If you walk in the dessert, and suddenly find a ticking clock, showing the time and date correctly.
Quick question; how would one know whether or not the time displayed was accurate? More to the point, why would it matter if it were or not?
Besides, the concept of a 'clock' and 'clockness' is an abstracted subjective one, based on societal-ascribed form and function. One would not identify such an object as a 'clock' unless one had previous experience of 'clocks', both as how they were and how they were constructed. In other words (and for more reasons then this), it's a bad analogy.
Show a sundial to a Martian, or indeed a cricket bat to an American, and polite befuddlement would inevitably ensue.
Would you beleive that
1) that a company had created it, a consumer bought it, and somehow it was left, lost, thrown away or something, in the dessert
or
2) that it appeared in the dessert after 1000's of years of different processes that was carried on in the dessert, with combination of lightening, pressure, heat and so on?
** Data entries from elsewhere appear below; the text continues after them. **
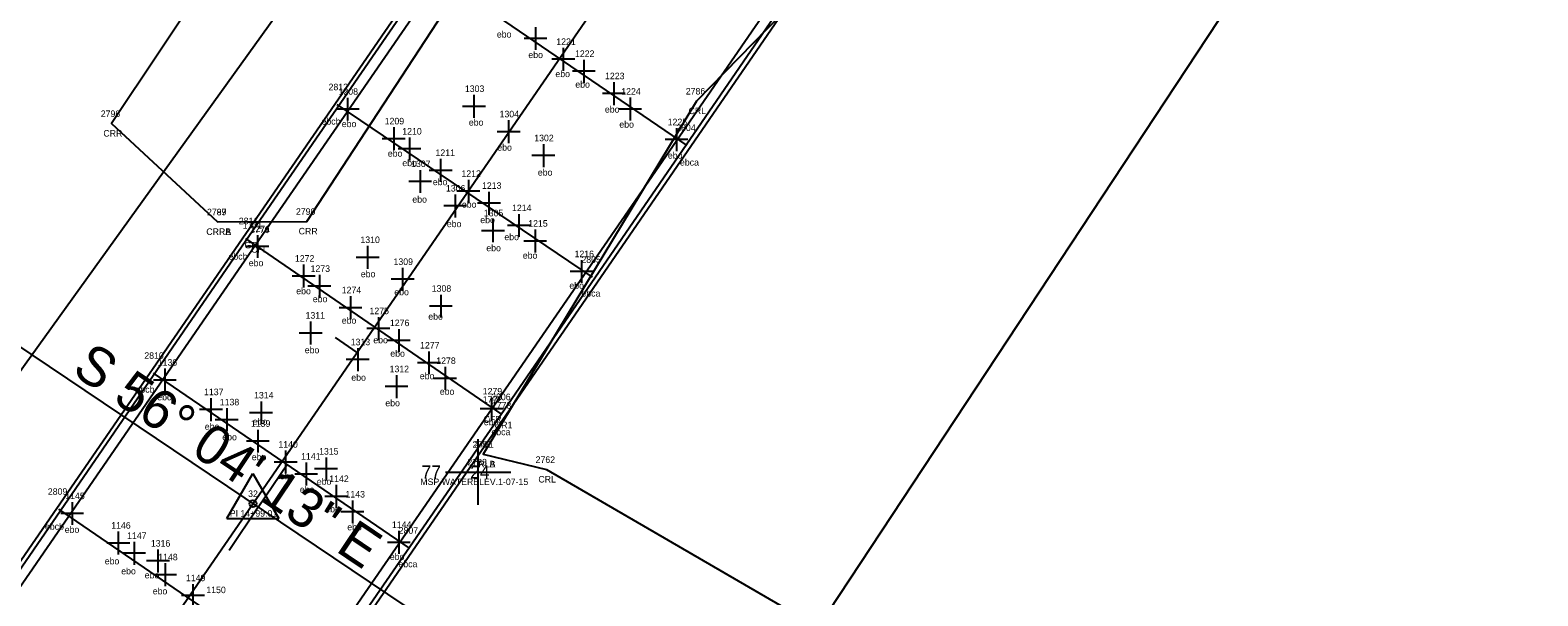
# Model space of a CAD drawing. Extents: x 2266664 to 2272542, y 716533 to 724777.
# Drawn here: x 2269061 to 2269291.5, y 720003.3 to 720089.8 of the extents above; entities that cross this region are included whole.
import ezdxf

# ---------------------------------------------------------------- set-up
doc = ezdxf.new("R2010")
doc.units = 0
for name, color, linetype in [('RD_EX_Bridge', 7, 'Continuous'), ('RD_EX_Conc', 7, 'Continuous'), ('RD_EX_Conc_txCode', 7, 'Continuous'), ('RD_EX_GuardRail', 7, 'Continuous'), ('RD_EX_GuardRail_txCode', 7, 'Continuous'), ('RD_EX_H2O', 7, 'Continuous'), ('RD_EX_H2O_txCode', 7, 'Continuous'), ('RD_EX_Misc', 7, 'Continuous'), ('RD_EX_Misc_txCode', 7, 'Continuous'), ('RD_EX_VEG', 7, 'Continuous'), ('RD_HC_Cl', 7, 'Continuous'), ('RD_HC_Data', 7, 'Continuous'), ('RD_HC_Data_Tic', 7, 'Continuous'), ('RD_HC_txCode', 7, 'Continuous'), ('RD_SMD_Locator', 7, 'Continuous')]:
    doc.layers.add(name, color=color, linetype=linetype)

msp = doc.modelspace()

# ---------------------------------------------------------------- linework, layer by layer
at = {"layer": 'RD_EX_Bridge'}
msp.add_lwpolyline([(2269005.71, 719844.75), (2269233.07, 720175.43), (2269193.18, 720202.86), (2268965.85, 719872.44), (2269005.71, 719844.75)], dxfattribs=at)
at = {"layer": 'RD_EX_Conc'}
for points in [[(2268967.59, 719871.21), (2269010.36, 719933.37), (2269052.74, 719994.95), (2269096, 720057.76), (2269138.05, 720118.85), (2269194.93, 720201.62)], [(2269004.04, 719846.24), (2269046.75, 719908.42), (2269089.1, 719970.17), (2269131.56, 720031.81), (2269174.47, 720094.11), (2269231.14, 720176.62)]]:
    msp.add_lwpolyline(points, dxfattribs=at)
at = {"layer": 'RD_EX_GuardRail'}
for points in [[(2268966.72, 719781.34), (2268981.11, 719807.65), (2269004.56, 719845.55), (2269006.56, 719847.08), (2269048.04, 719907.43), (2269090.37, 719969.18), (2269132.94, 720030.91), (2269175.81, 720093.43), (2269231.32, 720174.06), (2269253.93, 720204.36), (2269271.7, 720223.93)], [(2268919.97, 719814.14), (2268926.75, 719820.52), (2268951.58, 719851.69), (2268966.29, 719871.68), (2268967.47, 719873.87), (2269009.19, 719934.42), (2269051.44, 719995.68), (2269094.56, 720058.42), (2269136.79, 720119.9), (2269193.57, 720202.38)]]:
    msp.add_lwpolyline(points, dxfattribs=at)
at = {"layer": 'RD_EX_H2O'}
for points in [[(2269172.99, 720195.51), (2269184.44, 720188.83), (2269212.95, 720153.63), (2269214.79, 720144.82), (2269223.14, 720135.04), (2269221.7, 720125.29), (2269214.42, 720123.45), (2269202.97, 720124.92), (2269182.34, 720098.94), (2269162.9, 720078.96), (2269130.27, 720024.93)], [(2269089.67, 720060.48), (2269103.31, 720060.56), (2269128.67, 720099.37), (2269142.41, 720139.49), (2269136.61, 720156.25), (2269131.18, 720158.45), (2269103.12, 720119.97), (2269073.45, 720075.52), (2269089.67, 720060.48)], [(2269130.27, 720024.93), (2269139.94, 720022.61), (2269202.7, 719986.16), (2269249.42, 719942.61), (2269307.1, 719885.4), (2269359.22, 719846.16), (2269432.06, 719783.5), (2269460, 719761.58), (2269521.39, 719745.69)]]:
    msp.add_lwpolyline(points, dxfattribs=at)
at = {"layer": 'RD_EX_Misc'}
for p, q in [((2269161.46, 720072.18), (2269122.16, 720099.01)), ((2269138.27, 720090.28), (2269138.27, 720086.78)), ((2269140.02, 720088.53), (2269136.52, 720088.53)), ((2269142.51, 720087.09), (2269142.51, 720083.59)), ((2269144.26, 720085.34), (2269140.76, 720085.34)), ((2269147.41, 720083.51), (2269143.91, 720083.51)), ((2269145.66, 720085.26), (2269145.66, 720081.76)), ((2269150.25, 720081.85), (2269150.25, 720078.35)), ((2269109.54, 720079.47), (2269109.54, 720075.97)), ((2269128.85, 720079.9), (2269128.85, 720076.4)), ((2269152, 720080.1), (2269148.5, 720080.1)), ((2269152.73, 720079.48), (2269152.73, 720075.98)), ((2269111.29, 720077.72), (2269107.79, 720077.72)), ((2269146.96, 720052), (2269107.97, 720078.41)), ((2269130.6, 720078.15), (2269127.1, 720078.15)), ((2269154.48, 720077.73), (2269150.98, 720077.73)), ((2269116.6, 720074.95), (2269116.6, 720071.45)), ((2269135.91, 720074.27), (2269132.41, 720074.27)), ((2269134.16, 720076.02), (2269134.16, 720072.52)), ((2269159.83, 720074.81), (2269159.83, 720071.31)), ((2269118.35, 720073.2), (2269114.85, 720073.2)), ((2269120.75, 720071.63), (2269117.25, 720071.63)), ((2269119, 720073.38), (2269119, 720069.88)), ((2269139.47, 720072.36), (2269139.47, 720068.86)), ((2269161.58, 720073.06), (2269158.08, 720073.06)), ((2269123.76, 720070.1), (2269123.76, 720066.6)), ((2269141.22, 720070.61), (2269137.72, 720070.61)), ((2269120.63, 720068.41), (2269120.63, 720064.91)), ((2269125.51, 720068.35), (2269122.01, 720068.35)), ((2269128.01, 720066.91), (2269128.01, 720063.41)), ((2269122.38, 720066.66), (2269118.88, 720066.66)), ((2269125.99, 720064.67), (2269125.99, 720061.17)), ((2269129.76, 720065.16), (2269126.26, 720065.16)), ((2269131.16, 720065.08), (2269131.16, 720061.58)), ((2269127.74, 720062.92), (2269124.24, 720062.92)), ((2269132.91, 720063.33), (2269129.41, 720063.33)), ((2269131.76, 720060.88), (2269131.76, 720057.38)), ((2269135.74, 720061.67), (2269135.74, 720058.17)), ((2269133.19, 720031), (2269093.98, 720057.92)), ((2269095.77, 720058.46), (2269095.77, 720054.96)), ((2269133.51, 720059.13), (2269130.01, 720059.13)), ((2269137.49, 720059.92), (2269133.99, 720059.92)), ((2269138.22, 720059.29), (2269138.22, 720055.79)), ((2269097.52, 720056.71), (2269094.02, 720056.71)), ((2269112.6, 720056.79), (2269112.6, 720053.29)), ((2269139.97, 720057.54), (2269136.47, 720057.54)), ((2269102.82, 720053.94), (2269102.82, 720050.44)), ((2269114.35, 720055.04), (2269110.85, 720055.04)), ((2269117.95, 720053.44), (2269117.95, 720049.94)), ((2269145.32, 720054.63), (2269145.32, 720051.13)), ((2269104.57, 720052.19), (2269101.07, 720052.19)), ((2269105.23, 720052.38), (2269105.23, 720048.88)), ((2269119.7, 720051.69), (2269116.2, 720051.69)), ((2269147.07, 720052.88), (2269143.57, 720052.88)), ((2269106.98, 720050.63), (2269103.48, 720050.63)), ((2269109.99, 720049.1), (2269109.99, 720045.6)), ((2269123.8, 720049.34), (2269123.8, 720045.84)), ((2269111.74, 720047.35), (2269108.24, 720047.35)), ((2269125.55, 720047.59), (2269122.05, 720047.59)), ((2269103.89, 720045.23), (2269103.89, 720041.73)), ((2269115.99, 720044.16), (2269112.49, 720044.16)), ((2269114.24, 720045.91), (2269114.24, 720042.41)), ((2269117.38, 720044.08), (2269117.38, 720040.58)), ((2269105.64, 720043.48), (2269102.14, 720043.48)), ((2269119.13, 720042.33), (2269115.63, 720042.33)), ((2269112.84, 720039.41), (2269109.34, 720039.41)), ((2269111.09, 720041.16), (2269111.09, 720037.66)), ((2269121.97, 720040.66), (2269121.97, 720037.16)), ((2269119.02, 720010.58), (2269079.84, 720037.33)), ((2269081.6, 720038.04), (2269081.6, 720034.54)), ((2269117.02, 720037.03), (2269117.02, 720033.53)), ((2269123.72, 720038.91), (2269120.22, 720038.91)), ((2269124.45, 720038.29), (2269124.45, 720034.79)), ((2269083.35, 720036.29), (2269079.85, 720036.29)), ((2269118.77, 720035.28), (2269115.27, 720035.28)), ((2269126.2, 720036.54), (2269122.7, 720036.54)), ((2269088.65, 720033.52), (2269088.65, 720030.02)), ((2269096.3, 720033.02), (2269096.3, 720029.52)), ((2269131.55, 720033.63), (2269131.55, 720030.13)), ((2269090.4, 720031.77), (2269086.9, 720031.77)), ((2269092.81, 720030.21), (2269089.31, 720030.21)), ((2269091.06, 720031.96), (2269091.06, 720028.46)), ((2269098.05, 720031.27), (2269094.55, 720031.27)), ((2269133.3, 720031.88), (2269129.8, 720031.88)), ((2269095.82, 720028.68), (2269095.82, 720025.18)), ((2269097.57, 720026.93), (2269094.07, 720026.93)), ((2269100.07, 720025.49), (2269100.07, 720021.99)), ((2269129.5, 720017.22), (2269129.5, 720027.22)), ((2269101.82, 720023.74), (2269098.32, 720023.74)), ((2269103.21, 720023.66), (2269103.21, 720020.16)), ((2269106.24, 720024.43), (2269106.24, 720020.93)), ((2269104.96, 720021.91), (2269101.46, 720021.91)), ((2269107.99, 720022.68), (2269104.49, 720022.68)), ((2269124.5, 720022.22), (2269134.5, 720022.22)), ((2269109.55, 720018.49), (2269106.05, 720018.49)), ((2269107.8, 720020.24), (2269107.8, 720016.74)), ((2269104.26, 719989.95), (2269065.38, 720016.53)), ((2269067.43, 720017.62), (2269067.43, 720014.12)), ((2269110.28, 720017.87), (2269110.28, 720014.37)), ((2269069.18, 720015.87), (2269065.68, 720015.87)), ((2269112.03, 720016.12), (2269108.53, 720016.12)), ((2269074.48, 720013.1), (2269074.48, 720009.6)), ((2269117.38, 720013.21), (2269117.38, 720009.71)), ((2269076.23, 720011.35), (2269072.73, 720011.35)), ((2269078.64, 720009.79), (2269075.14, 720009.79)), ((2269076.89, 720011.54), (2269076.89, 720008.04)), ((2269080.55, 720010.36), (2269080.55, 720006.86)), ((2269119.13, 720011.46), (2269115.63, 720011.46)), ((2269082.3, 720008.61), (2269078.8, 720008.61)), ((2269081.65, 720008.26), (2269081.65, 720004.76)), ((2269083.4, 720006.51), (2269079.9, 720006.51)), ((2269085.9, 720005.07), (2269085.9, 720001.57)), ((2269087.65, 720003.32), (2269084.15, 720003.32))]:
    msp.add_line(p, q, dxfattribs=at)
at = {"layer": 'RD_EX_VEG'}
for points in [[(2268819.78, 719716.8), (2268871.54, 719776.21), (2269193.85, 720224.65), (2269408.57, 720538.5), (2269589.67, 720791.77), (2270047.56, 721479.8), (2270363.13, 721951.09), (2270746.65, 722498.38), (2270919.94, 722752.82), (2271017.26, 722923.37)], [(2268988.31, 719705.64), (2269316.7, 720203.55), (2269323.19, 720195.95)]]:
    msp.add_lwpolyline(points, dxfattribs=at)
at = {"layer": 'RD_HC_Cl'}
for p, q in [((2267342.91, 717471.2), (2272360.46, 724762.59)), ((2269054.71, 720044.54), (2269123.76, 719998.09))]:
    msp.add_line(p, q, dxfattribs=at)
at = {"layer": 'RD_HC_Data'}
for p, q in [((2269091.09, 720015.1), (2269095.07, 720021.98)), ((2269095.07, 720021.98), (2269099.03, 720015.1)), ((2269091.09, 720015.1), (2269099.03, 720015.1))]:
    msp.add_line(p, q, dxfattribs=at)
msp.add_circle((2269095.06, 720017.39), 0.529, dxfattribs=at)
at = {"layer": 'RD_HC_Data_Tic'}
for p, q in [((2269110.98, 720040.52), (2269107.68, 720042.79)), ((2269095.89, 720016.84), (2269100.35, 720023.47)), ((2269095.89, 720016.84), (2269091.42, 720010.2))]:
    msp.add_line(p, q, dxfattribs=at)
at = {"layer": 'RD_SMD_Locator'}
for centre in [(2269162.9, 720078.96), (2269073.45, 720075.52), (2269089.67, 720060.48), (2269089.67, 720060.48), (2269103.31, 720060.56), (2269094.56, 720058.42), (2269096, 720057.76), (2269131.56, 720031.81), (2269132.94, 720030.91), (2269130.27, 720024.93), (2269130.27, 720024.93), (2269139.94, 720022.61), (2269095.06, 720017.39)]:
    msp.add_circle(centre, 0.001, dxfattribs=at)

# ---------------------------------------------------------------- texts
at = {"layer": 'RD_EX_Conc_txCode'}
for s, p in [('1770', (2269094.62, 720058.76)), ('CFL', (2269094.8, 720055.76)), ('1772', (2269130.22, 720032.81)), ('CFR', (2269130.33, 720029.81))]:
    msp.add_text(s, height=1, dxfattribs=at).set_placement(p)
at = {"layer": 'RD_EX_GuardRail_txCode'}
for s, p in [('1771', (2269093.5, 720059.42)), ('GR', (2269093.78, 720056.42)), ('1773', (2269131.59, 720031.91)), ('GR1', (2269131.99, 720028.91))]:
    msp.add_text(s, height=1, dxfattribs=at).set_placement(p)
at = {"layer": 'RD_EX_H2O_txCode'}
for s, p in [('2786', (2269161.25, 720079.96)), ('2796', (2269071.8, 720076.52)), ('CRL', (2269161.67, 720076.96)), ('CRR', (2269072.2, 720073.52)), ('2789', (2269088.04, 720061.48)), ('2797', (2269088.04, 720061.48)), ('2790', (2269101.64, 720061.56)), ('CRRA', (2269087.93, 720058.48)), ('CRRB', (2269087.95, 720058.48)), ('CRR', (2269102.06, 720058.56)), ('2787', (2269128.64, 720025.93)), ('2761', (2269128.9, 720025.93)), ('CRLA', (2269128.55, 720022.93)), ('CRLB', (2269128.57, 720022.93)), ('2762', (2269138.29, 720023.61)), ('CRL', (2269138.71, 720020.61))]:
    msp.add_text(s, height=1, dxfattribs=at).set_placement(p)
at = {"layer": 'RD_EX_Misc_txCode'}
for s, height, p in [('ebo', 1, (2269132.36, 720088.67)), ('1221', 1, (2269141.45, 720087.54)), ('ebo', 1, (2269137.18, 720085.53)), ('1222', 1, (2269144.31, 720085.71)), ('ebo', 1, (2269141.31, 720082.62)), ('1223', 1, (2269148.9, 720082.3)), ('2812', 1, (2269106.63, 720080.61)), ('1208', 1, (2269108.16, 720079.92)), ('1303', 1, (2269127.47, 720080.35)), ('ebo', 1, (2269144.36, 720081.01)), ('1224', 1, (2269151.38, 720079.93)), ('ebcb', 1, (2269105.55, 720075.36)), ('1209', 1, (2269115.21, 720075.39)), ('ebo', 1, (2269128.08, 720075.2)), ('1304', 1, (2269132.78, 720076.47)), ('ebo', 1, (2269148.88, 720077.19)), ('1225', 1, (2269158.48, 720075.26)), ('ebo', 1, (2269108.65, 720074.97)), ('1210', 1, (2269117.9, 720073.83)), ('1302', 1, (2269138.08, 720072.81)), ('ebo', 1, (2269151.09, 720074.89)), ('2804', 1, (2269159.79, 720074.38)), ('1211', 1, (2269122.98, 720070.55)), ('ebo', 1, (2269132.43, 720071.37)), ('ebo', 1, (2269115.69, 720070.45)), ('ebo', 1, (2269117.91, 720069)), ('1307', 1, (2269119.25, 720068.86)), ('ebo', 1, (2269158.51, 720070.15)), ('ebca', 1, (2269160.36, 720069.09)), ('ebo', 1, (2269122.57, 720066.09)), ('1212', 1, (2269126.95, 720067.36)), ('ebo', 1, (2269138.63, 720067.55)), ('1306', 1, (2269124.58, 720065.12)), ('1213', 1, (2269130.09, 720065.53)), ('ebo', 1, (2269119.44, 720063.42)), ('ebo', 1, (2269127.01, 720062.65)), ('1305', 1, (2269130.37, 720061.33)), ('1214', 1, (2269134.68, 720062.12)), ('2811', 1, (2269092.91, 720060.12)), ('ebo', 1, (2269124.71, 720059.67)), ('ebo', 1, (2269129.83, 720060.28)), ('1215', 1, (2269137.16, 720059.74)), ('1271', 1, (2269094.71, 720058.91)), ('1310', 1, (2269111.5, 720057.24)), ('ebo', 1, (2269133.51, 720057.68)), ('ebcb', 1, (2269091.33, 720054.7)), ('1272', 1, (2269101.48, 720054.39)), ('ebo', 1, (2269130.75, 720055.99)), ('ebo', 1, (2269136.33, 720054.85)), ('1216', 1, (2269144.24, 720055.08)), ('ebo', 1, (2269094.43, 720053.7)), ('1273', 1, (2269103.88, 720052.83)), ('1309', 1, (2269116.56, 720053.89)), ('2805', 1, (2269145.29, 720054.2)), ('ebo', 1, (2269111.56, 720052.01)), ('1308', 1, (2269122.41, 720049.79)), ('ebo', 1, (2269143.45, 720050.25)), ('ebo', 1, (2269101.69, 720049.41)), ('ebo', 1, (2269104.22, 720048.19)), ('1274', 1, (2269108.64, 720049.55)), ('ebo', 1, (2269116.68, 720049.26)), ('ebca', 1, (2269145.29, 720049.05)), ('1311', 1, (2269103.11, 720045.68)), ('1275', 1, (2269112.89, 720046.36)), ('ebo', 1, (2269121.88, 720045.51)), ('ebo', 1, (2269108.65, 720044.9)), ('1276', 1, (2269116.01, 720044.53)), ('1313', 1, (2269110.02, 720041.61)), ('ebo', 1, (2269113.47, 720041.91)), ('1277', 1, (2269120.62, 720041.11)), ('2810', 1, (2269078.46, 720039.53)), ('1136', 1, (2269080.51, 720038.49)), ('ebo', 1, (2269102.99, 720040.38)), ('ebo', 1, (2269116.07, 720039.85)), ('1278', 1, (2269123.1, 720038.74)), ('ebo', 1, (2269110.11, 720036.18)), ('1312', 1, (2269115.96, 720037.48)), ('ebo', 1, (2269120.58, 720036.41)), ('ebcb', 1, (2269077.11, 720034.35)), ('1137', 1, (2269087.59, 720033.97)), ('ebo', 1, (2269123.64, 720034.03)), ('1279', 1, (2269130.2, 720034.08)), ('ebo', 1, (2269080.44, 720033.19)), ('1138', 1, (2269090, 720032.41)), ('1314', 1, (2269095.24, 720033.47)), ('ebo', 1, (2269115.31, 720032.27)), ('2806', 1, (2269131.49, 720033.2)), ('1139', 1, (2269094.76, 720029.13)), ('ebo', 1, (2269095.04, 720029.44)), ('ebo', 1, (2269130.37, 720029.37)), ('ebo', 1, (2269087.7, 720028.68)), ('ebo', 1, (2269090.38, 720027.07)), ('ebca', 1, (2269131.53, 720027.85)), ('1140', 1, (2269098.96, 720025.94)), ('1315', 1, (2269105.18, 720024.88)), ('ebo', 1, (2269094.89, 720024.01)), ('1141', 1, (2269102.43, 720024.11)), ('77      24', 2, (2269120.85, 720021.22)), ('2788', 1, (2269127.87, 720023.22)), ('ebo', 1, (2269099.17, 720021.1)), ('ebo', 1, (2269104.83, 720020.26)), ('1142', 1, (2269106.74, 720020.69)), ('MSP WATERELEV.1-07-15', 1, (2269120.66, 720020.22)), ('2809', 1, (2269063.71, 720018.73)), ('1145', 1, (2269066.37, 720018.07)), ('ebo', 1, (2269102.23, 720019.04)), ('1143', 1, (2269109.22, 720018.32)), ('ebo', 1, (2269106.13, 720016.05)), ('ebcb', 1, (2269063.27, 720013.39)), ('ebo', 1, (2269066.29, 720012.91)), ('1146', 1, (2269073.4, 720013.55)), ('ebo', 1, (2269109.49, 720013.3)), ('1144', 1, (2269116.32, 720013.66)), ('1147', 1, (2269075.83, 720011.99)), ('1316', 1, (2269079.46, 720010.81)), ('2807', 1, (2269117.35, 720012.78)), ('1148', 1, (2269080.59, 720008.71)), ('ebo', 1, (2269115.99, 720008.78)), ('ebo', 1, (2269072.41, 720008.09)), ('ebo', 1, (2269074.93, 720006.56)), ('ebo', 1, (2269078.52, 720005.95)), ('ebca', 1, (2269117.31, 720007.65)), ('1149', 1, (2269084.83, 720005.52)), ('1150', 1, (2269087.94, 720003.69)), ('ebo', 1, (2269079.75, 720003.5))]:
    msp.add_text(s, height=height, dxfattribs=at).set_placement(p)
at = {"layer": 'RD_HC_Data'}
msp.add_text('S 56%%d 04\' 13" E', height=6, rotation=326.0703, dxfattribs=at).set_placement((2269067.19, 720037.35))
at = {"layer": 'RD_HC_txCode'}
for s, p in [('32', (2269094.33, 720018.39)), ('PI 14+99.01', (2269091.53, 720015.39))]:
    msp.add_text(s, height=1, dxfattribs=at).set_placement(p)

doc.saveas('drawing.dxf')

Neither, actually. Had I been wandering aimlessly for some time within a desert devoid of all other signs of human existence (as is implied by your scenario), and then miraculously stumbled across this one (perfectly working) aspect of civilisation; I'd seriously doubt my ability to perceive things accurately and honestly, and presume insanity.
So why do the same people say that the solar system was not created? But just happened to be?
Firstly, few people of any religious/philosophical/scientific variation believe that the solar system, or anything else, "just happened to be".
Secondly, there is no compelling and inherent evidence to support the assertion that the solar system was intentionally constructed, whilst there is quite a bit for the assertion that clocks were, both in their actual and conceptual existence. Given that we do live in a finite universe, we cannot consistently proceed from the position that an assertion is true until proven false, as otherwise we'd have to accept the existence of practically anything that could be imagined. Doing so might make things a little cramped.
I have to wonder why the clock is always in the desert. Why can't it be in a tropical rainforest? A nice temperate forest? Taiga?
I suspect it's at least partly intended to emphasise the creative power of a/the God(s), in order to make it appear more remarkable and seeming self-evident. A rainforest would field a whole host of aesthetic and logical distractions for such a hypothetical.